Task goal => Every record must appear in your copy exactly as written, with no pictures.

Items from a dataset
++++++++++++++++++++
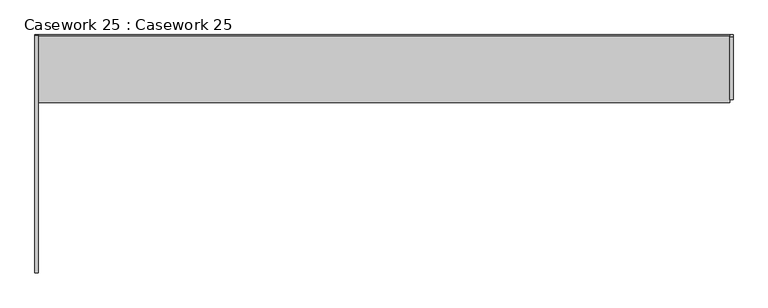
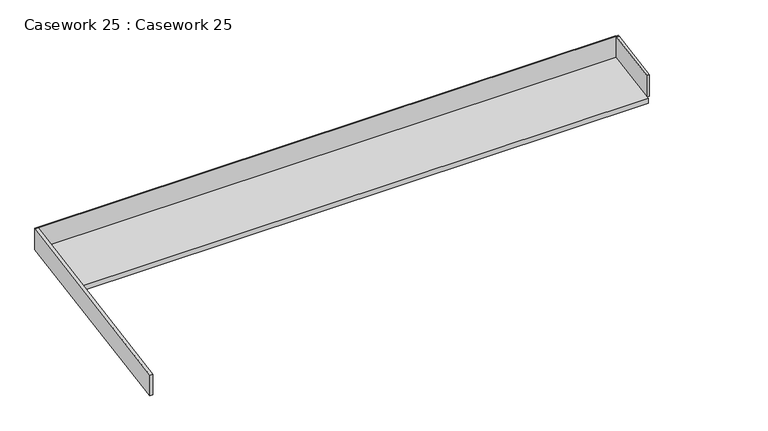
"""IFC4 building model written with IfcOpenShell, lengths in millimetres: furniture geometry, Casework 25 : Casework 25."""

from ifc_helpers import new_model, si_unit, frame, origin, place, context, project, spatial, polyline, outline, extrude, source, transform, mapped, element, save


def casework_25_casework_25_bbe771a2(model_context):
    return source(origin(), model_context, "Body", "SweptSolid", [
        extrude(outline(polyline([(287433.899125, 6477.1627257), (281718.899125, 5511.2472328), (281718.899125, 6139.0579051), (287408.499125, 7136.519522), (287433.899125, 7136.519522), (287433.899125, 6477.1627257)])), frame((-58805.9633954, 0.0, 0.0), z_axis=(1.0, 0.0, 0.0), x_axis=(0.0, 1.0, 0.0)), (0.0, 0.0, 1.0), 79.0707348),
        extrude(outline(polyline([(287433.899125, 6477.1627257), (285884.499125, 6215.2923032), (285884.499125, 6873.7207742), (287391.604592, 7128.8297726), (287433.899125, 7128.8297726), (287433.899125, 6477.1627257)])), frame((-42133.813494, 0.0, 0.0), z_axis=(1.0, 0.0, 0.0), x_axis=(0.0, 1.0, 0.0)), (0.0, 0.0, 1.0), 74.7639834),
        extrude(outline(polyline([(287408.499125, 6498.6299987), (287408.499125, 7136.519522), (287433.899125, 7136.519522), (287433.899125, 6477.1627257), (285831.580213, 6206.3482617), (285831.580213, 6075.4155347), (285806.180213, 6075.4155347), (285806.180213, 6227.8155347), (287408.499125, 6498.6299987)])), frame((-58726.8926606, 0.0, 0.0), z_axis=(1.0, 0.0, 0.0), x_axis=(0.0, 1.0, 0.0)), (0.0, 0.0, 1.0), 16593.0791667),
    ])


if __name__ == "__main__":
    model = new_model("IFC4")
    model_context = context("Model", 3, world=origin())
    ifc_project = project(units=[si_unit("LENGTHUNIT", "METRE", prefix="MILLI")], contexts=[model_context])
    site = spatial("IfcSite", under=ifc_project)
    building = spatial("IfcBuilding", under=site)
    placement = place(None, origin())
    casework_25_casework_25_shape = casework_25_casework_25_bbe771a2(model_context)
    element("IfcFurniture", 1, ObjectType="Casework 25 : Casework 25", at=placement, inside=building, context=model_context, shape_type="MappedRepresentation", body=[
        mapped(casework_25_casework_25_shape, transform((0.0, 0.0, 0.0), x_axis=(1.0, 0.0, 0.0), y_axis=(0.0, 1.0, 0.0), z_axis=(0.0, 0.0, 1.0))),
    ])
    save(model, "model.ifc")

# Revit data of these elements
# Element 1 (IfcFurniture, "Casework 25 : Casework 25")
#   Materials on its faces: "Dark metal"
# Materials
#   "Dark metal": class "Generic", colour RGB 44 29 29, transparency 0, Cost = 0
++++++++++++++++++++
Written response =>
"""IFC4 building model written with IfcOpenShell, lengths in millimetres: furniture geometry, Casework 25 : Casework 25."""

from ifc_helpers import new_model, si_unit, frame, origin, place, context, project, spatial, polyline, outline, extrude, source, transform, mapped, element, save


def casework_25_casework_25_bbe771a2(model_context):
    return source(origin(), model_context, "Body", "SweptSolid", [
        extrude(outline(polyline([(287433.899125, 6477.1627257), (281718.899125, 5511.2472328), (281718.899125, 6139.0579051), (287408.499125, 7136.519522), (287433.899125, 7136.519522), (287433.899125, 6477.1627257)])), frame((-58805.9633954, 0.0, 0.0), z_axis=(1.0, 0.0, 0.0), x_axis=(0.0, 1.0, 0.0)), (0.0, 0.0, 1.0), 79.0707348),
        extrude(outline(polyline([(287433.899125, 6477.1627257), (285884.499125, 6215.2923032), (285884.499125, 6873.7207742), (287391.604592, 7128.8297726), (287433.899125, 7128.8297726), (287433.899125, 6477.1627257)])), frame((-42133.813494, 0.0, 0.0), z_axis=(1.0, 0.0, 0.0), x_axis=(0.0, 1.0, 0.0)), (0.0, 0.0, 1.0), 74.7639834),
        extrude(outline(polyline([(287408.499125, 6498.6299987), (287408.499125, 7136.519522), (287433.899125, 7136.519522), (287433.899125, 6477.1627257), (285831.580213, 6206.3482617), (285831.580213, 6075.4155347), (285806.180213, 6075.4155347), (285806.180213, 6227.8155347), (287408.499125, 6498.6299987)])), frame((-58726.8926606, 0.0, 0.0), z_axis=(1.0, 0.0, 0.0), x_axis=(0.0, 1.0, 0.0)), (0.0, 0.0, 1.0), 16593.0791667),
    ])


if __name__ == "__main__":
    model = new_model("IFC4")
    model_context = context("Model", 3, world=origin())
    ifc_project = project(units=[si_unit("LENGTHUNIT", "METRE", prefix="MILLI")], contexts=[model_context])
    site = spatial("IfcSite", under=ifc_project)
    building = spatial("IfcBuilding", under=site)
    placement = place(None, origin())
    casework_25_casework_25_shape = casework_25_casework_25_bbe771a2(model_context)
    element("IfcFurniture", 1, ObjectType="Casework 25 : Casework 25", at=placement, inside=building, context=model_context, shape_type="MappedRepresentation", body=[
        mapped(casework_25_casework_25_shape, transform((0.0, 0.0, 0.0), x_axis=(1.0, 0.0, 0.0), y_axis=(0.0, 1.0, 0.0), z_axis=(0.0, 0.0, 1.0))),
    ])
    save(model, "model.ifc")

# Revit data of these elements
# Element 1 (IfcFurniture, "Casework 25 : Casework 25")
#   Materials on its faces: "Dark metal"
# Materials
#   "Dark metal": class "Generic", colour RGB 44 29 29, transparency 0, Cost = 0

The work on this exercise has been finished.